# I'm lost and not sure how to proceed.



## West (Jul 4, 2017)

I'm sitting in a Mcdonalds lobby trying to wrap my head around the issue that is my marriage. I want nothing more than to work it out but I don't think I have the patience and strength to continue and I'm also too frightened and weak to want to leave her. We have 2 boys whom she states she regrets and doesn't want and I know that should be the slap in the face for me to end it. But I come from having only one parent and I know how difficult it is. She claims she hates me but that I can keep trying to change it. I took my vows seriously and feel like I should make it work, but she doesn't want to help. I've always been a great problem solver/fixer and it's tearing me apart that I'm making no progress with this. I've done my homework too, trying to apply any and everything to work but I feel she is so dead set on it not working out that she doesn't see all the effort I put in. Does anyone every change in the end to make things work. Can one person really change anothers view twards them. If so, how. 

Sent from my SM-N910T using Tapatalk


----------



## EleGirl (Dec 3, 2011)

West said:


> I'm sitting in a Mcdonalds lobby trying to wrap my head around the issue that is my marriage. I want nothing more than to work it out but I don't think I have the patience and strength to continue and I'm also too frightened and weak to want to leave her. We have 2 boys whom she states she regrets and doesn't want and I know that should be the slap in the face for me to end it. But I come from having only one parent and I know how difficult it is. She claims she hates me but that I can keep trying to change it. I took my vows seriously and feel like I should make it work, but she doesn't want to help. I've always been a great problem solver/fixer and it's tearing me apart that I'm making no progress with this. I've done my homework too, trying to apply any and everything to work but I feel she is so dead set on it not working out that she doesn't see all the effort I put in. Does anyone every change in the end to make things work. Can one person really change anothers view twards them. If so, how.


Yes, a person can change another's view towards them. How? You have to change yourself.

You are letting her intimidate you and push you around.

Get the book "No More Mr. Nice Guy"... read it. Do it.

Part of the problem right now is that she wants attention and she will act out to get it. That's why she posts all the photos. When she acts out with you, she is getting your attention. Stop giving her attention for her acting badly.

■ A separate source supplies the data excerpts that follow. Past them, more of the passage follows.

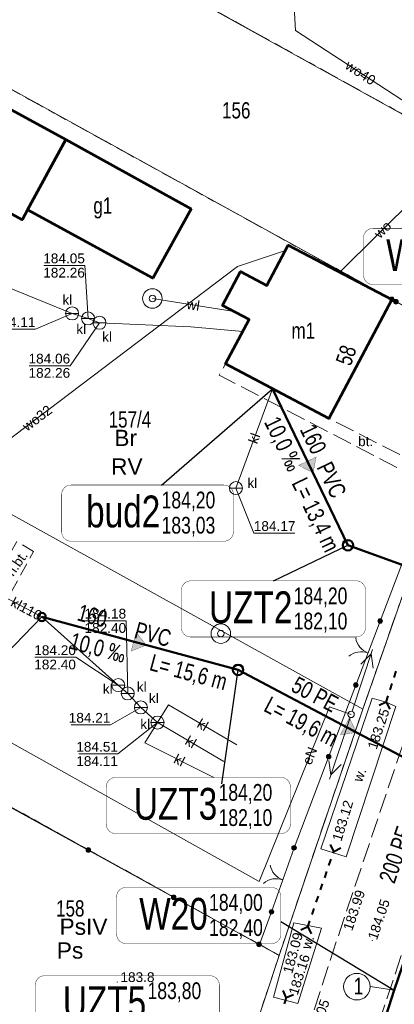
# Model space of a CAD drawing. Header units: metres. Extents: x 7482748 to 7484637, y 5684406 to 5687014.
# Tile 146 of 180: x 7483504 to 7483533, y 5686497 to 5686573. Entities that reach past the tile are written whole.
import ezdxf
from ezdxf.enums import TextEntityAlignment as Align
from ezdxf.lldxf.tags import DXFTag

# ---------------------------------------------------------------- set-up
doc = ezdxf.new("R2010")
doc.units = ezdxf.units.M
doc.header["$MEASUREMENT"] = 0
for name, pattern in [('KTCR01_500', [1.5, 1, -0.5]), ('KTJZ01_500', [2, 1.5, -0.5]), ('l217_500', [2, 1.5, -0.5]), ('l218_500', [1, 0.5, -0.5])]:
    doc.linetypes.add(name, pattern=pattern)
for name, color, linetype, lineweight in [('.domiar', 250, 'Continuous', 9), ('.ks tłoczny', 104, 'Continuous', 50), ('_Dzialki', 7, 'Continuous', 0), ('_Dzialki_opis', 7, 'Continuous', 0), ('_Kontury', 7, 'Continuous', 0), ('_Kontury_opis', 7, 'Continuous', 0), ('_Uzytki', 7, 'Continuous', 0), ('_Uzytki_opis', 7, 'Continuous', 0), ('BUIB05_01', 7, 'Continuous', 40), ('EGB_Adres', 7, 'Continuous', 0), ('EGB_Budynek', 7, 'Continuous', 0), ('EGB_Budynek_opis', 7, 'Continuous', 0), ('GES__SUSM04_01P', 7, 'Continuous', 13), ('GES__SUUS07_P', 7, 'Continuous', 13), ('GES__SUUS13_P', 7, 'Continuous', 13), ('KTOK02', 7, 'KTOK02_500', 13), ('KTOK05_01', 7, 'Continuous', 13), ('RTPW01_P', 7, 'Continuous', 0), ('RTPW02_P', 7, 'Continuous', 0), ('SUPE_L_3', 1, 'Continuous', 13)]:
    doc.layers.add(name, color=color, linetype=linetype, lineweight=lineweight)
for name, color, linetype, lineweight, true_color in [('.przyłącza', 32, 'Continuous', 50, 0xbd5e00), ('GES__SUPE_pL', 1, 'Continuous', 13, 0xff0000), ('GES__SUPK_01_pL', 7, 'Continuous', 13, 0x803300), ('GES__SUPS01_05L', 7, 'Continuous', 13, 0x803300), ('GES__SUPS01_05P', 7, 'Continuous', 13, 0x803300), ('GES__SUPW_01_pL', 5, 'Continuous', 13, 0x0000ff)]:
    doc.layers.add(name, color=color, linetype=linetype, lineweight=lineweight, true_color=true_color)
for name, color, linetype, lineweight, true_color, transparency in [('GES__SUPE_pT', 1, 'Continuous', 13, 0xff0000, 0.25), ('GES__SUPK_01_pT', 7, 'Continuous', 13, 0x803300, 0.25), ('GES__SUPS01_05G', 7, 'Continuous', 13, 0x803300, 0.25), ('GES__SUPW_01_pT', 5, 'Continuous', 13, 0x0000ff, 0.25)]:
    doc.layers.add(name, color=color, linetype=linetype, lineweight=lineweight, true_color=true_color, transparency=transparency)
for name, color, linetype, lineweight, transparency in [('GES__SUUS_ET_05T', 7, 'Continuous', 13, 0.25), ('KTCR01_T', 7, 'Continuous', 13, 0.25), ('KTCR02', 7, 'KTCR01_500', 13, 0.5), ('KTJZ01_O', 7, 'KTJZ01_500', 13, 0.5), ('KTPL01_O', 7, 'KTJZ01_500', 13, 0.5), ('KTPL01_T', 7, 'Continuous', 13, 0.25), ('PTRW02_O', 7, 'Continuous', 13, 0.5), ('PTRW02_T', 7, 'Continuous', 13, 0.25), ('RTPW01_G', 7, 'Continuous', 13, 0.25), ('RTPW02_G', 7, 'Continuous', 13, 0.25)]:
    doc.layers.add(name, color=color, linetype=linetype, lineweight=lineweight, transparency=transparency)
doc.layers.add('IS_kanalizacja_sanitarna', color=7, linetype='SOLID', true_color=0x000000)
doc.layers.add('IS_Opisy_działek_Net', color=7, linetype='SOLID', true_color=0x000000)
doc.layers.add('IS_Węzeł_sieci_kanalizacyjnej_-_opisy', color=7, linetype='Continuous')
doc.styles.get("Standard").update_dxf_attribs({"font": 'simplex.shx', "width": 0.75})
doc.styles.add('STYL_ARIAL', font='simplex.shx', dxfattribs={"width": 0.75, "oblique": 0.1})
doc.styles.add('Style-Arial', font='arial.ttf')
doc.linetypes.add('KTOK02_500', pattern='A,0.5,[117,IS_LineDef.shx,S=0.01,R=0,X=0,Y=0],0.5', length=1)
tags = doc.linetypes.add('SOLID', pattern=[10, 10, 0]).pattern_tags.tags
tags[6:7] = [DXFTag(74, 4), DXFTag(75, 0), DXFTag(340, '0'), DXFTag(46, 0.0), DXFTag(50, 0.0), DXFTag(44, 0.0), DXFTag(45, 0.0)]
tags[4:5] = [DXFTag(74, 4), DXFTag(75, 0), DXFTag(340, '0'), DXFTag(46, 0.0), DXFTag(50, 0.0), DXFTag(44, 0.0), DXFTag(45, 0.0)]

# ---------------------------------------------------------------- blocks, each defined once
blk = doc.blocks.new('SUPS01_1')
at = {"layer": 'GES__SUPS01_05P', "linetype": 'Continuous', "lineweight": 13}
h = blk.add_hatch(color=256, dxfattribs=at)
edge = h.paths.add_edge_path()
edge.add_arc((0, 0), 0.045, 0, 360)
blk = doc.blocks.new('SUSM04_01')
at = {"layer": 'GES__SUSM04_01P', "linetype": 'Continuous', "lineweight": 13}
blk.add_circle((0, 0), 0.25, dxfattribs=at)
blk = doc.blocks.new('SUUS07')
at = {"layer": 'GES__SUUS07_P', "linetype": 'Continuous', "lineweight": 13}
blk.add_line((-0.5, 0), (0.5, 0), dxfattribs=at)
blk.add_circle((0, 0), 0.5, dxfattribs=at)
blk = doc.blocks.new('SUUS13')
at = {"layer": 'GES__SUUS13_P', "linetype": 'Continuous', "lineweight": 13}
for radius in [0.75, 0.25]:
    blk.add_circle((0, 0), radius, dxfattribs=at)
blk = doc.blocks.new('RTPW01_3')
at = {"layer": 'RTPW02_P', "linetype": 'Continuous', "lineweight": 0}
h = blk.add_hatch(color=256, dxfattribs=at)
edge = h.paths.add_edge_path()
edge.add_arc((0, 0), 0.045, 0, 360)
blk = doc.blocks.new('RTPW01_2')
at = {"layer": 'RTPW01_P', "linetype": 'Continuous', "lineweight": 0}
h = blk.add_hatch(color=256, dxfattribs=at)
edge = h.paths.add_edge_path()
edge.add_arc((0, 0), 0.045, 0, 360)

msp = doc.modelspace()

# ---------------------------------------------------------------- hatches: boundary and pattern name
at = {"layer": 'IS_kanalizacja_sanitarna', "linetype": 'Continuous', "ltscale": 0.01}
for points in [[(7483526.3286, 5686537.94903), (7483526.57003, 5686539.1755), (7483525.21879, 5686538.52422)], [(7483513.50368, 5686524.69389), (7483512.73363, 5686525.67854), (7483512.3428, 5686524.23035)], [(7483529.65506, 5686517.98191), (7483529.12152, 5686519.11232), (7483528.42048, 5686517.78622)]]:
    msp.add_hatch(color=256, dxfattribs=at).paths.add_polyline_path(points)
at = {"layer": 'KTOK05_01', "linetype": 'Continuous', "lineweight": 13}
h = msp.add_hatch(color=256, dxfattribs=at)
edge = h.paths.add_edge_path()
edge.add_arc((7483532.38, 5686551.29), 0.175, 0, 360)
h = msp.add_hatch(color=256, dxfattribs=at)
edge = h.paths.add_edge_path()
edge.add_arc((7483532.69962, 5686551.11062), 0.175, 0, 360)
h = msp.add_hatch(color=256, dxfattribs=at)
edge = h.paths.add_edge_path()
edge.add_arc((7483531.49, 5686526.55), 0.175, 0, 360)
h = msp.add_hatch(color=256, dxfattribs=at)
edge = h.paths.add_edge_path()
edge.add_arc((7483529.62, 5686521.62), 0.175, 0, 360)
h = msp.add_hatch(color=256, dxfattribs=at)
edge = h.paths.add_edge_path()
edge.add_arc((7483527.53041, 5686516.11229), 0.175, 0, 360)
h = msp.add_hatch(color=256, dxfattribs=at)
edge = h.paths.add_edge_path()
edge.add_arc((7483524.87, 5686509.1), 0.175, 0, 360)
h = msp.add_hatch(color=256, dxfattribs=at)
edge = h.paths.add_edge_path()
edge.add_arc((7483509.04698, 5686508.92718), 0.175, 0, 360)
h = msp.add_hatch(color=256, dxfattribs=at)
edge = h.paths.add_edge_path()
edge.add_arc((7483515.61396, 5686505.30437), 0.175, 0, 360)
h = msp.add_hatch(color=256, dxfattribs=at)
edge = h.paths.add_edge_path()
edge.add_arc((7483523.13, 5686504.18), 0.175, 0, 360)
h = msp.add_hatch(color=256, dxfattribs=at)
edge = h.paths.add_edge_path()
edge.add_arc((7483522.18093, 5686501.68155), 0.175, 0, 360)

# ---------------------------------------------------------------- linework, layer by layer
at = {"layer": '.domiar', "linetype": 'Continuous'}
msp.add_lwpolyline([(7483532.56961, 5686498.14916), (7483530.72259, 5686498.42207)], dxfattribs=at)
msp.add_circle((7483529.70132, 5686498.42207), 1.02127, dxfattribs=at)
at = {"layer": '.ks tłoczny', "color": 111, "linetype": 'Continuous', "true_color": 0x70ffb8}
for points in [[(7483529.01301, 5686532.38033), (7483542.58639, 5686527.46661)], [(7483520.5619, 5686522.78976), (7483537.86417, 5686513.64283)], [(7483539.01604, 5686517.01603), (7483532.57298, 5686498.14781), (7483528.59305, 5686485.74461), (7483524.06285, 5686471.15079), (7483517.4639, 5686451.301), (7483517.4639, 5686451.301), (7483513.19053, 5686438.59386), (7483506.80338, 5686419.9052), (7483503.67491, 5686410.75136), (7483489.19771, 5686367.92381), (7483488.55879, 5686366.36971), (7483487.69105, 5686359.59365), (7483481.55397, 5686341.5735), (7483479.339, 5686335.06975), (7483478.08149, 5686331.37736), (7483471.44464, 5686310.91538), (7483469.74193, 5686304.9671), (7483455.28388, 5686263.28755), (7483450.42845, 5686249.12706), (7483447.14669, 5686239.55607), (7483444.38858, 5686231.83101), (7483432.0435, 5686195.45156)]]:
    msp.add_lwpolyline(points, dxfattribs=at)
at = {"layer": '.ks tłoczny', "linetype": 'Continuous'}
for centre in [(7483529.01301, 5686532.38033), (7483520.5619, 5686522.78976)]:
    msp.add_circle(centre, 0.4, dxfattribs=at)
at = {"layer": '.przyłącza', "linetype": 'Continuous'}
for points in [[(7483529.01301, 5686532.38033), (7483523.21, 5686544.42)], [(7483520.5619, 5686522.78976), (7483505.48, 5686526.86)]]:
    msp.add_lwpolyline(points, dxfattribs=at)
msp.add_ellipse((7483505.48, 5686526.85929), major_axis=(0.315, 0), ratio=1, dxfattribs=at)
at = {"layer": '_Dzialki', "color": 96, "linetype": 'Continuous', "true_color": 0x008000, "flags": 128}
for points in [[(7483543.95, 5686559.6), (7483499.88, 5686583.98)], [(7483539.76, 5686547.23), (7483493.73, 5686572.63)], [(7483480.12, 5686547.5), (7483530.15, 5686519.76)], [(7483530.15, 5686519.76), (7483539.76, 5686547.23)], [(7483523.72, 5686500.83), (7483470.35, 5686530.39)], [(7483530.15, 5686519.76), (7483523.72, 5686500.83)], [(7483523.72, 5686500.83), (7483510.5, 5686460.79)]]:
    msp.add_lwpolyline(points, dxfattribs=at)
at = {"layer": '_Kontury', "color": 96, "linetype": 'l217_500', "true_color": 0x008000, "flags": 128}
for points in [[(7483521.67, 5686571.93), (7483499.88, 5686583.99)], [(7483493.73, 5686572.63), (7483519.31, 5686558.51)], [(7483543.95, 5686559.6), (7483521.67, 5686571.93)], [(7483519.31, 5686558.51), (7483539.76, 5686547.23)], [(7483530.15, 5686519.76), (7483539.76, 5686547.23)], [(7483523.72, 5686500.83), (7483482.5, 5686523.66)], [(7483523.72, 5686500.83), (7483530.15, 5686519.76)], [(7483519.29, 5686487.4), (7483523.72, 5686500.83)]]:
    msp.add_lwpolyline(points, dxfattribs=at)
at = {"layer": '_Uzytki', "color": 96, "linetype": 'l218_500', "true_color": 0x008000, "flags": 128}
for points in [[(7483499.88, 5686583.98), (7483521.67, 5686571.93)], [(7483493.73, 5686572.63), (7483519.31, 5686558.51)], [(7483521.67, 5686571.93), (7483543.95, 5686559.6)], [(7483519.31, 5686558.51), (7483539.76, 5686547.23)], [(7483530.15, 5686519.76), (7483539.76, 5686547.23)], [(7483523.72, 5686500.83), (7483482.5, 5686523.66)], [(7483523.72, 5686500.83), (7483530.15, 5686519.76)], [(7483519.29, 5686487.4), (7483523.72, 5686500.83)]]:
    msp.add_lwpolyline(points, dxfattribs=at)
at = {"layer": 'BUIB05_01', "linetype": 'Continuous', "lineweight": 40}
for p, q in [((7483532.57, 5686522.21), (7483532.72, 5686522.69)), ((7483532.26, 5686521.26), (7483532.41, 5686521.74)), ((7483531.95, 5686520.31), (7483532.1, 5686520.79)), ((7483531.95, 5686520.31), (7483531.41, 5686520.04)), ((7483531.95, 5686520.31), (7483532.22, 5686519.77)), ((7483527.92, 5686508.83), (7483527.66, 5686509.37)), ((7483527.87, 5686508.7), (7483527.92, 5686508.83)), ((7483527.92, 5686508.83), (7483528.46, 5686509.09)), ((7483527.55, 5686507.75), (7483527.71, 5686508.22)), ((7483527.23, 5686506.8), (7483527.39, 5686507.28)), ((7483526.9, 5686505.86), (7483527.06, 5686506.33)), ((7483526.58, 5686504.91), (7483526.74, 5686505.39)), ((7483526.25, 5686503.97), (7483526.42, 5686504.44)), ((7483525.93, 5686503.02), (7483526.09, 5686503.49)), ((7483525.93, 5686503.02), (7483525.39, 5686502.76)), ((7483525.93, 5686503.02), (7483526.19, 5686502.48)), ((7483524.27, 5686497.58), (7483524.02, 5686498.13)), ((7483524.27, 5686497.58), (7483524.1, 5686497.11)), ((7483524.27, 5686497.58), (7483524.82, 5686497.83))]:
    msp.add_line(p, q, dxfattribs=at)
at = {"layer": 'EGB_Budynek', "color": 7, "linetype": 'Continuous', "lineweight": 53, "flags": 128}
for points in [[(7483507.33, 5686563.59), (7483504.38, 5686558.19), (7483503.96, 5686557.4), (7483490.84, 5686564.61), (7483494.21, 5686570.74), (7483507.33, 5686563.59)], [(7483516.96, 5686558.25), (7483514, 5686552.93), (7483504.38, 5686558.19), (7483507.33, 5686563.59), (7483516.96, 5686558.25)], [(7483532.38, 5686551.29), (7483527.55, 5686542.13), (7483519.59, 5686546.34), (7483521.41, 5686549.75), (7483519.36, 5686550.83), (7483520.75, 5686553.44), (7483522.78, 5686552.36), (7483524.42, 5686555.45), (7483532.38, 5686551.29)]]:
    msp.add_lwpolyline(points, dxfattribs=at)
at = {"layer": 'GES__SUPE_pL', "linetype": 'Continuous', "lineweight": 13, "flags": 128}
msp.add_lwpolyline([(7483495.49, 5686522.76), (7483495.15, 5686521.63), (7483522.19, 5686506.51), (7483527.59, 5686519.96), (7483529.25, 5686519.37)], dxfattribs=at)
at = {"layer": 'GES__SUPK_01_pL', "linetype": 'Continuous', "lineweight": 13}
for p, q in [((7483520.4, 5686536.77), (7483523.21, 5686544.42)), ((7483514.37, 5686518.74), (7483519.48, 5686515.74))]:
    msp.add_line(p, q, dxfattribs=at)
at = {"layer": 'GES__SUPK_01_pL', "linetype": 'Continuous', "lineweight": 13, "flags": 128}
for points in [[(7483496.58, 5686554.76), (7483507.81, 5686550.21), (7483509.03, 5686549.82), (7483509.91, 5686549.49), (7483516.92, 5686549.19), (7483520.92, 5686548.83)], [(7483514.37, 5686518.74), (7483513.09, 5686519.9), (7483512.08, 5686520.98), (7483511.35, 5686521.62), (7483505.48, 5686526.86), (7483500.26, 5686529.65)], [(7483514.37, 5686518.74), (7483515.22, 5686520.1), (7483520.48, 5686517.02)], [(7483518.71, 5686514.5), (7483513.39, 5686517.17), (7483514.37, 5686518.74)]]:
    msp.add_lwpolyline(points, dxfattribs=at)
at = {"layer": 'GES__SUPS01_05L', "linetype": 'Continuous', "lineweight": 13, "flags": 128}
for points in [[(7483509.03, 5686549.82), (7483508.79, 5686553.9), (7483505.63, 5686553.9)], [(7483507.81, 5686550.21), (7483504.99, 5686548.99), (7483501.98, 5686548.99)], [(7483509.91, 5686549.49), (7483507.66, 5686546.19), (7483504.5, 5686546.19)], [(7483520.4, 5686536.77), (7483521.77, 5686533.31), (7483524.93, 5686533.31)], [(7483512.08, 5686520.98), (7483511.96, 5686526.57), (7483508.8, 5686526.57)], [(7483511.35, 5686521.62), (7483508.1, 5686523.76), (7483504.95, 5686523.76)], [(7483513.09, 5686519.9), (7483510.75, 5686518.56), (7483507.74, 5686518.56)], [(7483514.37, 5686518.74), (7483511.33, 5686516.33), (7483508.32, 5686516.33)]]:
    msp.add_lwpolyline(points, dxfattribs=at)
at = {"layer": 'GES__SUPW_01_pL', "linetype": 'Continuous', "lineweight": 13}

Go home and tell her that you want your marriage to work and would love for her to work with you to fix it. But you know that you cannot make her do anything. So she is free to leave if she does not want to work on the marriage. But you will not move out of the home with your children and she cannot move your children out of the family home.

I doubt that she dislikes her children as much as she says she does. It's an attention getting act she's putting on. 

Then focus on yourself and your children.

When you change an environment, everything and every creature it in has to change to adapt. When you change, she will have to change or leave. 

After you read "No More Mr. Nice Guy" read the books "Love Busters" and "His Needs, Her Needs". These books tell you what you have to do to rebuild your relationship with her... and what she needs to do. So if she decides to start working on the marriage, she will also need to read LB and HN/HN.


----------



## West (Jul 4, 2017)

EleGirl said:


> Yes, a person can change another's view towards them. How? You have to change yourself.
> 
> You are letting her intimidate you and push you around.
> 
> ...


Thank you. I'll start reading right away

Sent from my SM-N910T using Tapatalk


----------



## aine (Feb 15, 2014)

Elle's advice is spot on, your wife sounds like she is 'cutting off her nose to spite her face' to try and hurt you. You have to turn off that switch and stop feeding into her drama. I know it is difficult.

Be firm with her but kind.


----------



## farsidejunky (Mar 19, 2014)

Monumental effort is meaningless to one who does not have the ability for gratitude.

You can't "fix" her. You can't change her. Why would you even want to? You can only fix or change yourself. 

Additionally, only a dysfunctional person would entertain the notion of abandoning their sons.

If you continue to hang on, this will likely get worse. 



West said:


> I'm sitting in a Mcdonalds lobby trying to wrap my head around the issue that is my marriage. I want nothing more than to work it out but I don't think I have the patience and strength to continue and I'm also too frightened and weak to want to leave her. We have 2 boys whom she states she regrets and doesn't want and I know that should be the slap in the face for me to end it. But I come from having only one parent and I know how difficult it is. She claims she hates me but that I can keep trying to change it. I took my vows seriously and feel like I should make it work, but she doesn't want to help. I've always been a great problem solver/fixer and it's tearing me apart that I'm making no progress with this. I've done my homework too, trying to apply any and everything to work but I feel she is so dead set on it not working out that she doesn't see all the effort I put in. Does anyone every change in the end to make things work. Can one person really change anothers view twards them. If so, how.
> 
> Sent from my SM-N910T using Tapatalk


----------